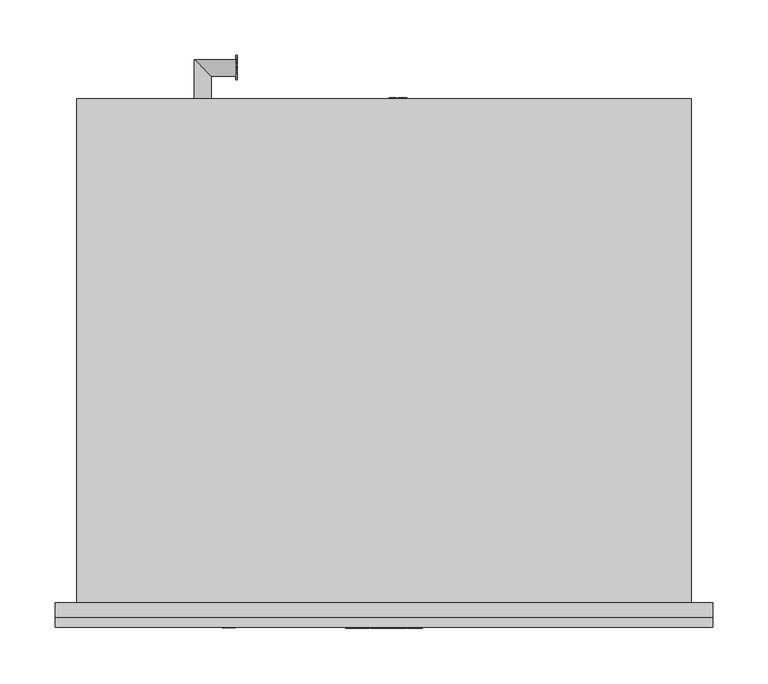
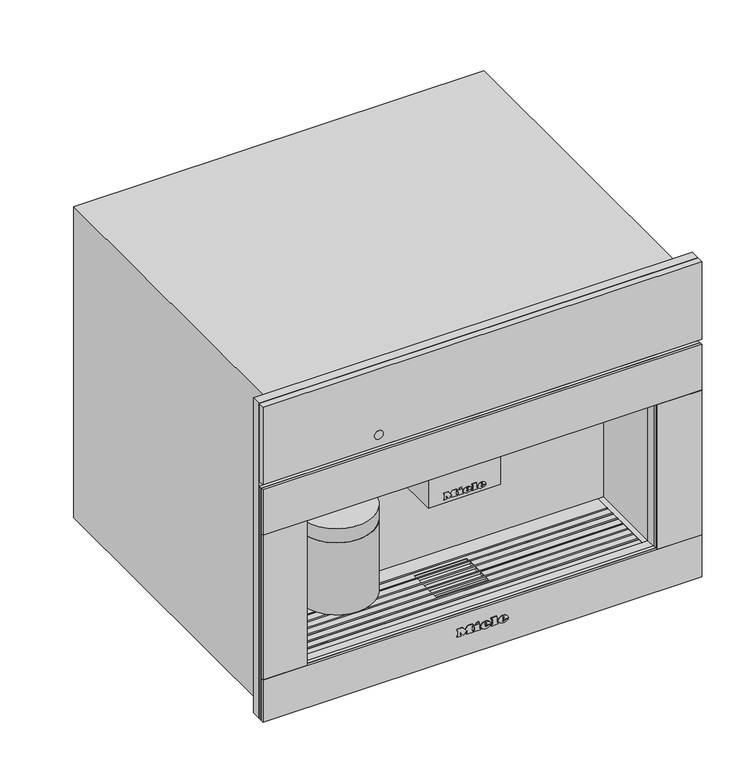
"""IFC4 building model written with IfcOpenShell, lengths in millimetres: proxy geometry, 12600410_D_CVA7845_PEBE : 29784550_D_12600410_CVA7845_PEBE."""

from ifc_helpers import new_model, si_unit, point, frame, frame_2d, origin, place, context, project, spatial, polyline, circle_curve, ellipse_curve, trimmed, segment, composite_curve, outline, extrude, faceted_brep, source, transform, mapped, element, save
from ifc_brep_helpers import plane_surface, cylinder_surface, revolved_surface, extruded_surface, advanced_brep


def specialty_equipment_d28afc98(model_context):
    return source(origin(), model_context, "Body", "SolidModel", [
        extrude(outline(composite_curve([segment(trimmed(circle_curve(frame_2d((-14.0, 36.5)), 5.0), [point((-9.0, 36.5))], [point((-19.0, 36.5))], False, "CARTESIAN"), True, "CONTINUOUS"), segment(trimmed(circle_curve(frame_2d((-14.0, 36.5)), 5.0), [point((-19.0, 36.5))], [point((-9.0, 36.5))], False, "CARTESIAN"), True, "CONTINUOUS")], self_intersect=False)), frame((0.0, 0.0, 193.0), z_axis=(0.0, 0.0, 1.0), x_axis=(1.0, 0.0, 0.0)), (0.0, 0.0, 1.0), 5.0),
        extrude(outline(composite_curve([segment(trimmed(circle_curve(frame_2d((14.0, 36.5)), 5.0), [point((19.0, 36.5))], [point((9.0, 36.5))], False, "CARTESIAN"), True, "CONTINUOUS"), segment(trimmed(circle_curve(frame_2d((14.0, 36.5)), 5.0), [point((9.0, 36.5))], [point((19.0, 36.5))], False, "CARTESIAN"), True, "CONTINUOUS")], self_intersect=False)), frame((0.0, 0.0, 193.0), z_axis=(0.0, 0.0, 1.0), x_axis=(1.0, 0.0, 0.0)), (0.0, 0.0, 1.0), 5.0),
        extrude(outline(composite_curve([segment(trimmed(circle_curve(frame_2d((-156.5, 49.5)), 50.0), [point((-106.5, 49.5))], [point((-206.5, 49.5))], False, "CARTESIAN"), True, "CONTINUOUS"), segment(trimmed(circle_curve(frame_2d((-156.5, 49.5)), 50.0), [point((-206.5, 49.5))], [point((-106.5, 49.5))], False, "CARTESIAN"), True, "CONTINUOUS")], self_intersect=False)), frame((0.0, 0.0, 100.0), z_axis=(0.0, 0.0, 1.0), x_axis=(1.0, 0.0, 0.0)), (0.0, 0.0, 1.0), 103.0),
        extrude(outline(polyline([(-49.0, 95.0), (49.0, 95.0), (49.0, 20.0), (-49.0, 20.0), (-49.0, 95.0)])), frame((0.0, 0.0, 198.0), z_axis=(0.0, 0.0, 1.0), x_axis=(1.0, 0.0, 0.0)), (0.0, 0.0, 1.0), 75.0),
        extrude(outline(polyline([(455.5, 297.5), (455.5, -297.5), (4.0, -297.5), (4.0, 297.5), (455.5, 297.5)]), holes=[polyline([(273.0, 237.5), (63.0, 237.5), (63.0, -237.5), (273.0, -237.5), (273.0, 237.5)])]), frame((0.0, -13.0, 0.0), z_axis=(0.0, 1.0, 0.0), x_axis=(0.0, 0.0, 1.0)), (0.0, 0.0, 1.0), 13.0),
        extrude(outline(polyline([(473.48348, 22.0), (473.48348, 32.045631), (474.7391839, 32.045631), (474.7391839, 27.128275), (479.8895318, 32.045631), (481.6455552, 32.045631), (477.3217155, 27.9155425), (481.8025182, 22.0), (480.267224, 22.0), (476.4314411, 27.0669613), (474.7391839, 25.4531857), (474.7391839, 22.0), (473.48348, 22.0)])), frame((-134.0, 0.0, 0.0), z_axis=(1.0, 0.0, 0.0), x_axis=(0.0, 1.0, 0.0)), (0.0, 0.0, 1.0), 1.0),
        extrude(outline(polyline([(484.5420128, 22.0), (481.8025182, 32.045631), (483.0974628, 32.045631), (484.6867131, 25.4433755), (485.1772224, 23.4053092), (485.7020674, 25.207931), (487.6935352, 32.045631), (489.5599232, 32.045631), (491.0069257, 27.0890343), (492.0835937, 23.4053092), (492.5593878, 25.3845144), (494.1633533, 32.045631), (495.4582979, 32.045631), (492.7163507, 22.0), (491.3748077, 22.0), (488.9664069, 29.7500474), (488.630408, 30.8316204), (488.2527159, 29.5293182), (486.0576866, 22.0), (484.5420128, 22.0)])), frame((-134.0, 0.0, 0.0), z_axis=(1.0, 0.0, 0.0), x_axis=(0.0, 1.0, 0.0)), (0.0, 0.0, 1.0), 1.0),
        advanced_brep(
        [(-156.5, 456.0, 27.0), (-171.5, 456.0, 27.0), (-156.5, 476.5, 27.0), (-171.5, 491.5, 27.0), (-134.0, 476.5, 27.0), (-134.0, 491.5, 27.0)],
        [
            (0, 1, circle_curve(frame((-164.0, 456.0, 27.0), z_axis=(0.0, -1.0, 0.0), x_axis=(-1.0, 0.0, 0.0)), 7.5)),
            (1, 0, circle_curve(frame((-164.0, 456.0, 27.0), z_axis=(0.0, -1.0, 0.0), x_axis=(-1.0, 0.0, 0.0)), 7.5)),
            (0, 2),
            (2, 3, ellipse_curve(frame((-164.0, 484.0, 27.0), z_axis=(-0.707106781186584, -0.7071067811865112, 0.0), x_axis=(0.7071067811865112, -0.7071067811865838, 0.0)), 10.6066017, 7.5)),
            (3, 1),
            (3, 2, ellipse_curve(frame((-164.0, 484.0, 27.0), z_axis=(-0.707106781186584, -0.7071067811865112, 0.0), x_axis=(0.7071067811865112, -0.7071067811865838, 0.0)), 10.6066017, 7.5)),
            (4, 5, circle_curve(frame((-134.0, 484.0, 27.0), z_axis=(1.0, 0.0, 0.0), x_axis=(0.0, 1.0, 0.0)), 7.5)),
            (5, 4, circle_curve(frame((-134.0, 484.0, 27.0), z_axis=(1.0, 0.0, 0.0), x_axis=(0.0, 1.0, 0.0)), 7.5)),
            (2, 4),
            (5, 3),
        ],
        [
            plane_surface(frame((-164.0, 456.0, 27.0), z_axis=(0.0, -1.0, 0.0), x_axis=(0.0, 0.0, 1.0))),
            cylinder_surface(frame((-164.0, 456.0, 27.0), z_axis=(0.0, -1.0, 0.0), x_axis=(-1.0, 0.0, 0.0)), 7.5),
            plane_surface(frame((-134.0, 484.0, 27.0), z_axis=(1.0, 0.0, 0.0), x_axis=(0.0, 0.0, 1.0))),
            cylinder_surface(frame((-164.0, 484.0, 27.0), z_axis=(-1.0, 0.0, 0.0), x_axis=(0.0, 1.0, 0.0)), 7.5),
        ],
        [
            (0, [[1, 2]]),
            (1, [[-1, 3, 4, 5]]),
            (1, [[-2, -5, 6, -3]]),
            (2, [[7, 8]]),
            (3, [[-4, 9, -8, 10]]),
            (3, [[-6, -10, -7, -9]]),
        ],
    ),
        extrude(outline(polyline([(97.0, 20.4012141), (107.045631, 20.4012141), (107.045631, 13.1809168), (105.7899271, 13.1809168), (105.7899271, 19.1455102), (102.8076304, 19.1455102), (102.8076304, 13.4948427), (101.5519266, 13.4948427), (101.5519266, 19.1455102), (98.2557039, 19.1455102), (98.2557039, 13.0239538), (97.0, 13.0239538), (97.0, 20.4012141)])), frame((0.0, 456.0, 0.0), z_axis=(0.0, 1.0, 0.0), x_axis=(0.0, 0.0, 1.0)), (0.0, 0.0, 1.0), 1.0),
        extrude(outline(polyline([(97.0, 11.140398), (107.045631, 11.140398), (107.045631, 9.8846941), (98.2557039, 9.8846941), (98.2557039, 4.8618786), (97.0, 4.8618786), (97.0, 11.140398)])), frame((0.0, 456.0, 0.0), z_axis=(0.0, 1.0, 0.0), x_axis=(0.0, 0.0, 1.0)), (0.0, 0.0, 1.0), 1.0),
        advanced_brep(
        [(55.0, 425.5, 102.0), (55.0, 410.5, 102.0), (20.5239538, 425.5, 102.0), (5.5239538, 410.5, 102.0), (20.5239538, 456.0, 102.0), (5.5239538, 456.0, 102.0)],
        [
            (0, 1, circle_curve(frame((55.0, 418.0, 102.0), z_axis=(1.0, 0.0, 0.0), x_axis=(0.0, -1.0, 0.0)), 7.5)),
            (1, 0, circle_curve(frame((55.0, 418.0, 102.0), z_axis=(1.0, 0.0, 0.0), x_axis=(0.0, -1.0, 0.0)), 7.5)),
            (0, 2),
            (2, 3, ellipse_curve(frame((13.0239538, 418.0, 102.0), z_axis=(0.7071067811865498, -0.7071067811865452, 0.0), x_axis=(0.7071067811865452, 0.7071067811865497, 0.0)), 10.6066017, 7.5)),
            (3, 1),
            (3, 2, ellipse_curve(frame((13.0239538, 418.0, 102.0), z_axis=(0.7071067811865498, -0.7071067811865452, 0.0), x_axis=(0.7071067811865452, 0.7071067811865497, 0.0)), 10.6066017, 7.5)),
            (4, 5, circle_curve(frame((13.0239538, 456.0, 102.0), z_axis=(0.0, 1.0, 0.0), x_axis=(-1.0, 0.0, 0.0)), 7.5)),
            (5, 4, circle_curve(frame((13.0239538, 456.0, 102.0), z_axis=(0.0, 1.0, 0.0), x_axis=(-1.0, 0.0, 0.0)), 7.5)),
            (2, 4),
            (5, 3),
        ],
        [
            plane_surface(frame((55.0, 418.0, 102.0), z_axis=(1.0, 0.0, 0.0), x_axis=(0.0, 0.0, 1.0))),
            cylinder_surface(frame((55.0, 418.0, 102.0), z_axis=(1.0, 0.0, 0.0), x_axis=(0.0, -1.0, 0.0)), 7.5),
            plane_surface(frame((13.0239538, 456.0, 102.0), z_axis=(0.0, 1.0, 0.0), x_axis=(0.0, 0.0, 1.0))),
            cylinder_surface(frame((13.0239538, 418.0, 102.0), z_axis=(0.0, -1.0, 0.0), x_axis=(-1.0, 0.0, 0.0)), 7.5),
        ],
        [
            (0, [[1, 2]]),
            (1, [[-1, 3, 4, 5]]),
            (1, [[-2, -5, 6, -3]]),
            (2, [[7, 8]]),
            (3, [[-4, 9, -8, 10]]),
            (3, [[-6, -10, -7, -9]]),
        ],
    ),
        advanced_brep(
        [(-110.0, 49.5, 252.0), (-203.0, 49.5, 252.0), (-206.5, 49.5, 223.5), (-106.5, 49.5, 223.5), (-110.0, 49.5, 273.0), (-203.0, 49.5, 273.0), (-156.5, 49.5, 273.0), (-106.5, 49.5, 203.0), (-206.5, 49.5, 203.0), (-156.5, 49.5, 203.0)],
        [
            (0, 1, circle_curve(frame((-156.5, 49.5, 252.0), z_axis=(0.0, 0.0, -1.0), x_axis=(-1.0, 0.0, 0.0)), 46.5)),
            (1, 2, circle_curve(frame((-206.7961166, 49.5, 238.0012775), z_axis=(0.0, 1.0, 0.0), x_axis=(-1.0, 0.0, 0.0)), 14.5043005)),
            (2, 3, circle_curve(frame((-156.5, 49.5, 223.5), z_axis=(0.0, 0.0, 1.0), x_axis=(-1.0, 0.0, 0.0)), 50.0)),
            (3, 0, circle_curve(frame((-106.2038834, 49.5, 238.0012775), z_axis=(0.0, 1.0, 0.0), x_axis=(1.0, 0.0, 0.0)), 14.5043005)),
            (4, 5, circle_curve(frame((-156.5, 49.5, 273.0), z_axis=(0.0, 0.0, -1.0), x_axis=(-1.0, 0.0, 0.0)), 46.5)),
            (5, 1),
            (0, 4),
            (6, 4),
            (4, 5, circle_curve(frame((-156.5, 49.5, 273.0), z_axis=(0.0, 0.0, 1.0), x_axis=(-1.0, 0.0, 0.0)), 46.5)),
            (5, 6),
            (7, 8, circle_curve(frame((-156.5, 49.5, 203.0), z_axis=(0.0, 0.0, -1.0), x_axis=(-1.0, 0.0, 0.0)), 50.0)),
            (8, 9),
            (9, 7),
            (8, 7, circle_curve(frame((-156.5, 49.5, 203.0), z_axis=(0.0, 0.0, -1.0), x_axis=(-1.0, 0.0, 0.0)), 50.0)),
            (2, 8),
            (7, 3),
            (2, 3, circle_curve(frame((-156.5, 49.5, 223.5), z_axis=(0.0, 0.0, -1.0), x_axis=(-1.0, 0.0, 0.0)), 50.0)),
            (1, 0, circle_curve(frame((-156.5, 49.5, 252.0), z_axis=(0.0, 0.0, -1.0), x_axis=(-1.0, 0.0, 0.0)), 46.5)),
        ],
        [
            revolved_surface(trimmed(ellipse_curve(frame((-206.7961166, 49.5, 238.0012775), z_axis=(0.0, -1.0, 0.0), x_axis=(-1.0, 0.0, 0.0)), 14.5043005, 14.5043005), [point((-206.5, 49.5, 223.5))], [point((-203.0, 49.5, 252.0))], True, "CARTESIAN"), (-156.5, 49.5, 388.7361736), (0.0, 0.0, 1.0)),
            cylinder_surface(frame((-156.5, 49.5, 388.7361736), z_axis=(0.0, 0.0, 1.0), x_axis=(-1.0, 0.0, 0.0)), 46.5),
            plane_surface(frame((-156.5, 49.5, 273.0), z_axis=(0.0, 0.0, 1.0), x_axis=(-1.0, 0.0, 0.0))),
            plane_surface(frame((-156.5, 49.5, 203.0), z_axis=(0.0, 0.0, -1.0), x_axis=(-1.0, 0.0, 0.0))),
            cylinder_surface(frame((-156.5, 49.5, 388.7361736), z_axis=(0.0, 0.0, 1.0), x_axis=(-1.0, 0.0, 0.0)), 50.0),
        ],
        [
            (0, [[1, 2, 3, 4]]),
            (1, [[5, 6, -1, 7]]),
            (2, [[8, 9, 10]]),
            (3, [[11, 12, 13]]),
            (3, [[14, -13, -12]]),
            (4, [[-3, 15, -11, 16]]),
            (4, [[17, -16, -14, -15]]),
            (0, [[18, -4, -17, -2]]),
            (1, [[-9, -7, -18, -6]]),
            (2, [[-10, -5, -8]]),
        ],
    ),
        faceted_brep([(229.5, 82.0925571, 60.0), (229.5, 80.0925571, 60.0), (-229.5, 80.0925571, 60.0), (-229.5, 82.0925571, 60.0), (229.5, 70.0550731, 60.0), (229.5, 68.0550731, 60.0), (-229.5, 68.0550731, 60.0), (-229.5, 70.0550731, 60.0), (229.5, 58.0175891, 60.0), (229.5, 56.0175891, 60.0), (-229.5, 56.0175891, 60.0), (-229.5, 58.0175891, 60.0), (229.5, 45.9801052, 60.0), (229.5, 43.9801052, 60.0), (-229.5, 43.9801052, 60.0), (-229.5, 45.9801052, 60.0), (229.5, 33.9426212, 60.0), (229.5, 31.9426212, 60.0), (-229.5, 31.9426212, 60.0), (-229.5, 33.9426212, 60.0), (229.5, 21.9776522, 60.0), (229.5, 19.9776522, 60.0), (-229.5, 19.9776522, 60.0), (-229.5, 21.9776522, 60.0), (229.5, 10.0, 60.0), (229.5, 8.0, 60.0), (-229.5, 8.0, 60.0), (-229.5, 10.0, 60.0), (-229.5, 45.9801052, 62.0), (-36.0, 45.9801052, 62.0), (-36.0, 45.9801052, 63.0), (-229.5, 45.9801052, 63.0), (-229.5, 45.9801052, 63.5), (229.5, 45.9801052, 63.5), (229.5, 45.9801052, 63.0), (36.0, 45.9801052, 63.0), (36.0, 45.9801052, 62.0), (229.5, 45.9801052, 62.0), (229.5, 19.9776522, 62.0), (229.5, 10.0, 62.0), (-229.5, 10.0, 62.0), (-229.5, 19.9776522, 62.0), (229.5, 43.9801052, 62.0), (229.5, 33.9426212, 62.0), (36.0, 33.9426212, 62.0), (36.0, 43.9801052, 62.0), (229.5, 56.0175891, 62.0), (36.0, 56.0175891, 62.0), (229.5, 68.0550731, 62.0), (229.5, 58.0175891, 62.0), (36.0, 58.0175891, 62.0), (36.0, 68.0550731, 62.0), (-229.5, 33.9426212, 62.0), (-229.5, 43.9801052, 62.0), (-36.0, 43.9801052, 62.0), (-36.0, 33.9426212, 62.0), (-229.5, 56.0175891, 62.0), (-36.0, 56.0175891, 62.0), (-229.5, 58.0175891, 62.0), (-229.5, 68.0550731, 62.0), (-36.0, 68.0550731, 62.0), (-36.0, 58.0175891, 62.0), (-229.5, 104.5, 62.0), (229.5, 104.5, 62.0), (229.5, 82.0925571, 62.0), (-229.5, 82.0925571, 62.0), (36.0, 76.0, 62.0), (-36.0, 76.0, 62.0), (-36.0, 70.0550731, 62.0), (-229.5, 70.0550731, 62.0), (-229.5, 80.0925571, 62.0), (229.5, 80.0925571, 62.0), (229.5, 70.0550731, 62.0), (36.0, 70.0550731, 62.0), (229.5, 0.0, 62.0), (-229.5, 0.0, 62.0), (-229.5, 8.0, 62.0), (229.5, 8.0, 62.0), (-36.0, 25.0, 62.0), (36.0, 25.0, 62.0), (36.0, 31.9426212, 62.0), (229.5, 31.9426212, 62.0), (229.5, 21.9776522, 62.0), (-229.5, 21.9776522, 62.0), (-229.5, 31.9426212, 62.0), (-36.0, 31.9426212, 62.0), (229.5, 104.5, 63.0), (-229.5, 104.5, 63.0), (-229.5, 82.0925571, 63.0), (229.5, 82.0925571, 63.0), (-229.5, 0.0, 63.0), (229.5, 0.0, 63.0), (229.5, 8.0, 63.0), (-229.5, 8.0, 63.0), (-36.0, 76.0, 63.0), (36.0, 76.0, 63.0), (36.0, 70.0550731, 63.0), (229.5, 70.0550731, 63.0), (229.5, 80.0925571, 63.0), (-229.5, 80.0925571, 63.0), (-229.5, 70.0550731, 63.0), (-36.0, 70.0550731, 63.0), (36.0, 25.0, 63.0), (-36.0, 25.0, 63.0), (-36.0, 31.9426212, 63.0), (-229.5, 31.9426212, 63.0), (-229.5, 21.9776522, 63.0), (229.5, 21.9776522, 63.0), (229.5, 31.9426212, 63.0), (36.0, 31.9426212, 63.0), (-229.5, 19.9776522, 63.0), (-229.5, 10.0, 63.0), (229.5, 10.0, 63.0), (229.5, 19.9776522, 63.0), (-229.5, 43.9801052, 63.0), (-229.5, 33.9426212, 63.0), (-36.0, 33.9426212, 63.0), (-36.0, 43.9801052, 63.0), (-229.5, 56.0175891, 63.0), (-36.0, 56.0175891, 63.0), (-229.5, 68.0550731, 63.0), (-229.5, 58.0175891, 63.0), (-36.0, 58.0175891, 63.0), (-36.0, 68.0550731, 63.0), (229.5, 33.9426212, 63.0), (229.5, 43.9801052, 63.0), (36.0, 43.9801052, 63.0), (36.0, 33.9426212, 63.0), (229.5, 56.0175891, 63.0), (36.0, 56.0175891, 63.0), (229.5, 58.0175891, 63.0), (229.5, 68.0550731, 63.0), (36.0, 68.0550731, 63.0), (36.0, 58.0175891, 63.0), (-229.5, 8.0, 63.5), (-229.5, 10.0, 63.5), (-229.5, 19.9776522, 63.5), (-229.5, 21.9776522, 63.5), (-229.5, 31.9426212, 63.5), (-229.5, 33.9426212, 63.5), (-229.5, 43.9801052, 63.5), (-229.5, 56.0175891, 63.5), (-229.5, 58.0175891, 63.5), (-229.5, 68.0550731, 63.5), (-229.5, 70.0550731, 63.5), (-229.5, 80.0925571, 63.5), (-229.5, 82.0925571, 63.5), (229.5, 82.0925571, 63.5), (229.5, 80.0925571, 63.5), (229.5, 70.0550731, 63.5), (229.5, 68.0550731, 63.5), (229.5, 58.0175891, 63.5), (229.5, 56.0175891, 63.5), (229.5, 43.9801052, 63.5), (229.5, 33.9426212, 63.5), (229.5, 31.9426212, 63.5), (229.5, 21.9776522, 63.5), (229.5, 19.9776522, 63.5), (229.5, 10.0, 63.5), (229.5, 8.0, 63.5)], [[[0, 1, 2, 3]], [[4, 5, 6, 7]], [[8, 9, 10, 11]], [[12, 13, 14, 15]], [[16, 17, 18, 19]], [[20, 21, 22, 23]], [[24, 25, 26, 27]], [[12, 15, 28, 29, 30, 31, 32, 33, 34, 35, 36, 37]], [[38, 39, 40, 41]], [[42, 43, 44, 45]], [[46, 37, 36, 47]], [[48, 49, 50, 51]], [[52, 53, 54, 55]], [[28, 56, 57, 29]], [[58, 59, 60, 61]], [[62, 63, 64, 65]], [[66, 67, 68, 69, 70, 71, 72, 73]], [[74, 75, 76, 77]], [[78, 79, 80, 81, 82, 83, 84, 85]], [[86, 87, 88, 89]], [[90, 91, 92, 93]], [[94, 95, 96, 97, 98, 99, 100, 101]], [[102, 103, 104, 105, 106, 107, 108, 109]], [[110, 111, 112, 113]], [[114, 115, 116, 117]], [[118, 31, 30, 119]], [[120, 121, 122, 123]], [[124, 125, 126, 127]], [[34, 128, 129, 35]], [[130, 131, 132, 133]], [[63, 62, 87, 86]], [[87, 62, 65, 3, 2, 70, 69, 7, 6, 59, 58, 11, 10, 56, 28, 15, 14, 53, 52, 19, 18, 84, 83, 23, 22, 41, 40, 27, 26, 76, 75, 90, 93, 134, 135, 111, 110, 136, 137, 106, 105, 138, 139, 115, 114, 140, 32, 31, 118, 141, 142, 121, 120, 143, 144, 100, 99, 145, 146, 88]], [[75, 74, 91, 90]], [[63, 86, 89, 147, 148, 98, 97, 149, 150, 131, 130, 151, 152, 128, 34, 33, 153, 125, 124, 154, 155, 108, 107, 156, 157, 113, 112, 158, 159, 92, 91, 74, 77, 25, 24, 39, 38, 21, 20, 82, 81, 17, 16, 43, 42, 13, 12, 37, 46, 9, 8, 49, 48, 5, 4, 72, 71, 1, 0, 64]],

• • • • •

◆ EXERCISE
Your answer should consist of the lines from the listing that hold the word "source".

◆ TASK ANSWER
from ifc_helpers import new_model, si_unit, point, frame, frame_2d, origin, place, context, project, spatial, polyline, circle_curve, ellipse_curve, trimmed, segment, composite_curve, outline, extrude, faceted_brep, source, transform, mapped, element, save
    return source(origin(), model_context, "Body", "SolidModel", [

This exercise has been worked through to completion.